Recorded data
----

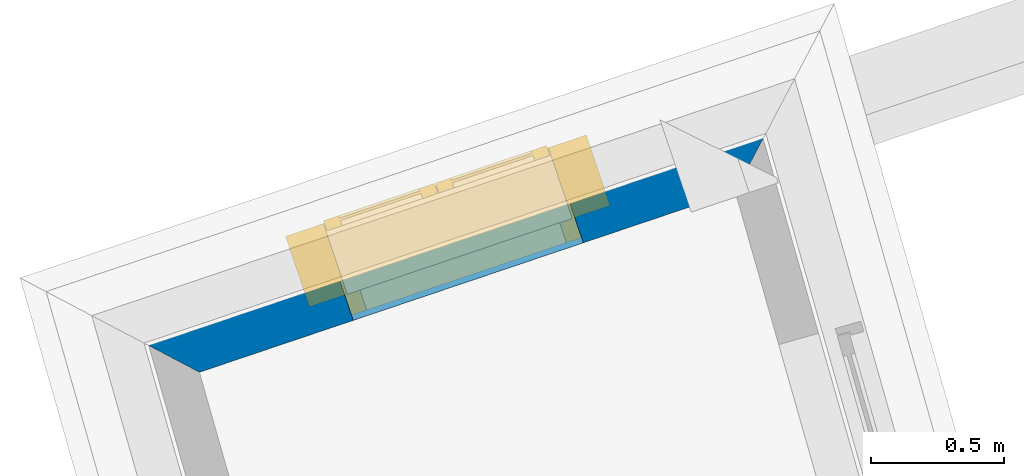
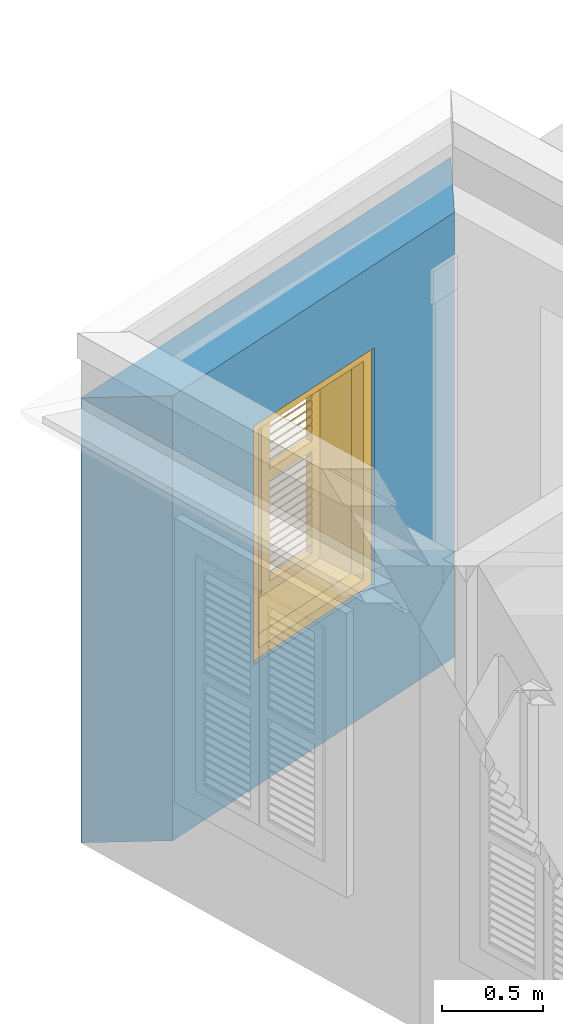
# One storey, part 9 of 13: 1 wall, 1 window, 1 opening.
"""IFC4 building model written with IfcOpenShell, lengths in metres."""

from ifc_helpers import new_model, si_unit, frame, origin, origin_with_axes, place, context, subcontext, project, spatial, polyline, outline, extrude, faceted_brep, source, transform, mapped, material, layer, layer_set, layer_usage, type_object, type_shapes, element, fill, save


model = new_model("IFC4")

# Units and contexts
model_context = context("Model", 3, world=origin_with_axes())
body_context = subcontext(model_context, "Body", "Model", "MODEL_VIEW")
ifc_project = project(units=[si_unit("PLANEANGLEUNIT", "RADIAN"), si_unit("MASSUNIT", "GRAM", prefix="KILO"), si_unit("FORCEUNIT", "NEWTON", prefix="KILO"), si_unit("LENGTHUNIT", "METRE"), si_unit("AREAUNIT", "SQUARE_METRE"), si_unit("VOLUMEUNIT", "CUBIC_METRE")], contexts=[model_context, model_context])

# Site, building, storey
site_placement = place(None, origin_with_axes())
site = spatial("IfcSite", under=ifc_project, at=site_placement, Name="Site plot-3", CompositionType="ELEMENT")
building_placement = place(None, origin_with_axes())
building = spatial("IfcBuilding", under=site, at=building_placement, Name="Building plot-3", CompositionType="ELEMENT")
storey_placement = place(None, frame((0.0, 0.0, 3.3), z_axis=(0.0, 0.0, 1.0), x_axis=(1.0, 0.0, 0.0)))
storey = spatial("IfcBuildingStorey", under=building, at=storey_placement, Name="plot-3 1", CompositionType="ELEMENT", Elevation=3.3)

# Wall, opening, window
ifc_material = material(Name="Masonry")
ifc_layer = layer(ifc_material, 0.33, ventilated=False)
ifc_layer_set = layer_set([ifc_layer], Name="exterior_0.08_0.25")
ifc_layer_usage = layer_usage(ifc_layer_set, "AXIS2", "POSITIVE", -0.25)
wall_type = type_object("IfcWallType", Name="exterior_0.08_0.25", PredefinedType="SOLIDWALL", material=ifc_layer_set)
wall_placement = place(storey_placement, frame((9.02385077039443, 28.7734190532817, 0.0), z_axis=(0.0, 0.0, 1.0), x_axis=(-0.947598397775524, -0.319464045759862, 0.0)))
wall = element("IfcWall", 1, at=wall_placement, inside=storey, type_object=wall_type, material=ifc_layer_usage, Name="exterior", context=body_context, shape_type="SweptSolid", body=[
    extrude(outline(polyline([(0.0839371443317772, 0.0799999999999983), (-0.262303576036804, -0.249999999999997), (2.51770839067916, -0.249999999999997), (2.20318732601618, 0.0800000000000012), (0.0839371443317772, 0.0799999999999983)])), origin_with_axes(), (0.0, 0.0, 1.0), 2.7),
])
opening_placement = place(wall_placement, frame((0.684717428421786, 0.0, 0.75)))
opening = element("IfcOpeningElement", 2, at=opening_placement, cuts=wall, Name="My Opening", ObjectType="Opening", context=body_context, shape_type="SweptSolid", body=[
    extrude(outline(polyline([(0.0, -0.27), (0.909999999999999, -0.270000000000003), (0.909999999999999, 1.1), (0.0, 1.1), (0.0, -0.27)])), origin_with_axes(), (0.0, 0.0, 1.0), 1.445),
])
window_type = type_object("IfcWindowType", Name="shuttered_shorter", PartitioningType="DOUBLE_PANEL_HORIZONTAL", PredefinedType="NOTDEFINED")
shared_shape = source(origin(), body_context, "Body", "Brep", [
    faceted_brep([(0.393, 0.0, 0.622), (0.074, 0.0, 0.622), (0.074, 0.0, 0.632), (0.393, 0.0, 0.632), (0.074, -0.04, 0.592), (0.393, -0.04, 0.592), (0.393, -0.04, 0.582), (0.074, -0.04, 0.582), (0.517, 0.0, 0.682), (0.836, 0.0, 0.682), (0.836, 0.0, 0.672), (0.517, 0.0, 0.672), (0.517, -0.04, 0.642), (0.836, -0.04, 0.642), (0.836, -0.04, 0.632), (0.517, -0.04, 0.632), (0.517, 0.0, 0.632), (0.836, 0.0, 0.632), (0.836, 0.0, 0.622), (0.517, 0.0, 0.622), (0.517, -0.04, 0.592), (0.836, -0.04, 0.592), (0.836, -0.04, 0.582), (0.517, -0.04, 0.582), (0.517, 0.0, 0.232), (0.836, 0.0, 0.232), (0.836, 0.0, 0.222), (0.517, 0.0, 0.222), (0.517, -0.04, 0.192), (0.836, -0.04, 0.192), (0.836, -0.04, 0.182), (0.517, -0.04, 0.182), (0.517, 0.0, 0.532), (0.836, 0.0, 0.532), (0.836, 0.0, 0.522), (0.517, 0.0, 0.522), (0.517, -0.04, 0.492), (0.836, -0.04, 0.492), (0.836, -0.04, 0.482), (0.517, -0.04, 0.482), (0.517, 0.0, 0.482), (0.836, 0.0, 0.482), (0.836, 0.0, 0.472), (0.517, 0.0, 0.472), (0.517, -0.04, 0.442), (0.836, -0.04, 0.442), (0.836, -0.04, 0.432), (0.517, -0.04, 0.432), (0.517, 0.0, 0.582), (0.836, 0.0, 0.582), (0.836, 0.0, 0.572), (0.517, 0.0, 0.572), (0.517, -0.04, 0.542), (0.836, -0.04, 0.542), (0.836, -0.04, 0.532), (0.517, -0.04, 0.532), (0.517, 0.0, 0.182), (0.836, 0.0, 0.182), (0.836, 0.0, 0.172), (0.517, 0.0, 0.172), (0.517, -0.04, 0.142), (0.836, -0.04, 0.142), (0.836, -0.04, 0.132), (0.517, -0.04, 0.132), (0.517, 0.0, 0.382), (0.836, 0.0, 0.382), (0.836, 0.0, 0.372), (0.517, 0.0, 0.372), (0.517, -0.04, 0.342), (0.836, -0.04, 0.342), (0.836, -0.04, 0.332), (0.517, -0.04, 0.332), (0.517, 0.0, 0.432), (0.836, 0.0, 0.432), (0.836, 0.0, 0.422), (0.517, 0.0, 0.422), (0.517, -0.04, 0.392), (0.836, -0.04, 0.392), (0.836, -0.04, 0.382), (0.517, -0.04, 0.382), (0.517, 0.0, 0.132), (0.836, 0.0, 0.132), (0.836, 0.0, 0.122), (0.517, 0.0, 0.122), (0.517, -0.04, 0.092), (0.836, -0.04, 0.092), (0.836, -0.04, 0.082), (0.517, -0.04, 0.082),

----

» **AIM OF THE TASK**
Output every record exactly, minus the pictures.

» **REPLY**
# One storey, part 9 of 13: 1 wall, 1 window, 1 opening.
"""IFC4 building model written with IfcOpenShell, lengths in metres."""

from ifc_helpers import new_model, si_unit, frame, origin, origin_with_axes, place, context, subcontext, project, spatial, polyline, outline, extrude, faceted_brep, source, transform, mapped, material, layer, layer_set, layer_usage, type_object, type_shapes, element, fill, save


model = new_model("IFC4")

# Units and contexts
model_context = context("Model", 3, world=origin_with_axes())
body_context = subcontext(model_context, "Body", "Model", "MODEL_VIEW")
ifc_project = project(units=[si_unit("PLANEANGLEUNIT", "RADIAN"), si_unit("MASSUNIT", "GRAM", prefix="KILO"), si_unit("FORCEUNIT", "NEWTON", prefix="KILO"), si_unit("LENGTHUNIT", "METRE"), si_unit("AREAUNIT", "SQUARE_METRE"), si_unit("VOLUMEUNIT", "CUBIC_METRE")], contexts=[model_context, model_context])

# Site, building, storey
site_placement = place(None, origin_with_axes())
site = spatial("IfcSite", under=ifc_project, at=site_placement, Name="Site plot-3", CompositionType="ELEMENT")
building_placement = place(None, origin_with_axes())
building = spatial("IfcBuilding", under=site, at=building_placement, Name="Building plot-3", CompositionType="ELEMENT")
storey_placement = place(None, frame((0.0, 0.0, 3.3), z_axis=(0.0, 0.0, 1.0), x_axis=(1.0, 0.0, 0.0)))
storey = spatial("IfcBuildingStorey", under=building, at=storey_placement, Name="plot-3 1", CompositionType="ELEMENT", Elevation=3.3)

# Wall, opening, window
ifc_material = material(Name="Masonry")
ifc_layer = layer(ifc_material, 0.33, ventilated=False)
ifc_layer_set = layer_set([ifc_layer], Name="exterior_0.08_0.25")
ifc_layer_usage = layer_usage(ifc_layer_set, "AXIS2", "POSITIVE", -0.25)
wall_type = type_object("IfcWallType", Name="exterior_0.08_0.25", PredefinedType="SOLIDWALL", material=ifc_layer_set)
wall_placement = place(storey_placement, frame((9.02385077039443, 28.7734190532817, 0.0), z_axis=(0.0, 0.0, 1.0), x_axis=(-0.947598397775524, -0.319464045759862, 0.0)))
wall = element("IfcWall", 1, at=wall_placement, inside=storey, type_object=wall_type, material=ifc_layer_usage, Name="exterior", context=body_context, shape_type="SweptSolid", body=[
    extrude(outline(polyline([(0.0839371443317772, 0.0799999999999983), (-0.262303576036804, -0.249999999999997), (2.51770839067916, -0.249999999999997), (2.20318732601618, 0.0800000000000012), (0.0839371443317772, 0.0799999999999983)])), origin_with_axes(), (0.0, 0.0, 1.0), 2.7),
])
opening_placement = place(wall_placement, frame((0.684717428421786, 0.0, 0.75)))
opening = element("IfcOpeningElement", 2, at=opening_placement, cuts=wall, Name="My Opening", ObjectType="Opening", context=body_context, shape_type="SweptSolid", body=[
    extrude(outline(polyline([(0.0, -0.27), (0.909999999999999, -0.270000000000003), (0.909999999999999, 1.1), (0.0, 1.1), (0.0, -0.27)])), origin_with_axes(), (0.0, 0.0, 1.0), 1.445),
])
window_type = type_object("IfcWindowType", Name="shuttered_shorter", PartitioningType="DOUBLE_PANEL_HORIZONTAL", PredefinedType="NOTDEFINED")
shared_shape = source(origin(), body_context, "Body", "Brep", [
    faceted_brep([(0.393, 0.0, 0.622), (0.074, 0.0, 0.622), (0.074, 0.0, 0.632), (0.393, 0.0, 0.632), (0.074, -0.04, 0.592), (0.393, -0.04, 0.592), (0.393, -0.04, 0.582), (0.074, -0.04, 0.582), (0.517, 0.0, 0.682), (0.836, 0.0, 0.682), (0.836, 0.0, 0.672), (0.517, 0.0, 0.672), (0.517, -0.04, 0.642), (0.836, -0.04, 0.642), (0.836, -0.04, 0.632), (0.517, -0.04, 0.632), (0.517, 0.0, 0.632), (0.836, 0.0, 0.632), (0.836, 0.0, 0.622), (0.517, 0.0, 0.622), (0.517, -0.04, 0.592), (0.836, -0.04, 0.592), (0.836, -0.04, 0.582), (0.517, -0.04, 0.582), (0.517, 0.0, 0.232), (0.836, 0.0, 0.232), (0.836, 0.0, 0.222), (0.517, 0.0, 0.222), (0.517, -0.04, 0.192), (0.836, -0.04, 0.192), (0.836, -0.04, 0.182), (0.517, -0.04, 0.182), (0.517, 0.0, 0.532), (0.836, 0.0, 0.532), (0.836, 0.0, 0.522), (0.517, 0.0, 0.522), (0.517, -0.04, 0.492), (0.836, -0.04, 0.492), (0.836, -0.04, 0.482), (0.517, -0.04, 0.482), (0.517, 0.0, 0.482), (0.836, 0.0, 0.482), (0.836, 0.0, 0.472), (0.517, 0.0, 0.472), (0.517, -0.04, 0.442), (0.836, -0.04, 0.442), (0.836, -0.04, 0.432), (0.517, -0.04, 0.432), (0.517, 0.0, 0.582), (0.836, 0.0, 0.582), (0.836, 0.0, 0.572), (0.517, 0.0, 0.572), (0.517, -0.04, 0.542), (0.836, -0.04, 0.542), (0.836, -0.04, 0.532), (0.517, -0.04, 0.532), (0.517, 0.0, 0.182), (0.836, 0.0, 0.182), (0.836, 0.0, 0.172), (0.517, 0.0, 0.172), (0.517, -0.04, 0.142), (0.836, -0.04, 0.142), (0.836, -0.04, 0.132), (0.517, -0.04, 0.132), (0.517, 0.0, 0.382), (0.836, 0.0, 0.382), (0.836, 0.0, 0.372), (0.517, 0.0, 0.372), (0.517, -0.04, 0.342), (0.836, -0.04, 0.342), (0.836, -0.04, 0.332), (0.517, -0.04, 0.332), (0.517, 0.0, 0.432), (0.836, 0.0, 0.432), (0.836, 0.0, 0.422), (0.517, 0.0, 0.422), (0.517, -0.04, 0.392), (0.836, -0.04, 0.392), (0.836, -0.04, 0.382), (0.517, -0.04, 0.382), (0.517, 0.0, 0.132), (0.836, 0.0, 0.132), (0.836, 0.0, 0.122), (0.517, 0.0, 0.122), (0.517, -0.04, 0.092), (0.836, -0.04, 0.092), (0.836, -0.04, 0.082), (0.517, -0.04, 0.082),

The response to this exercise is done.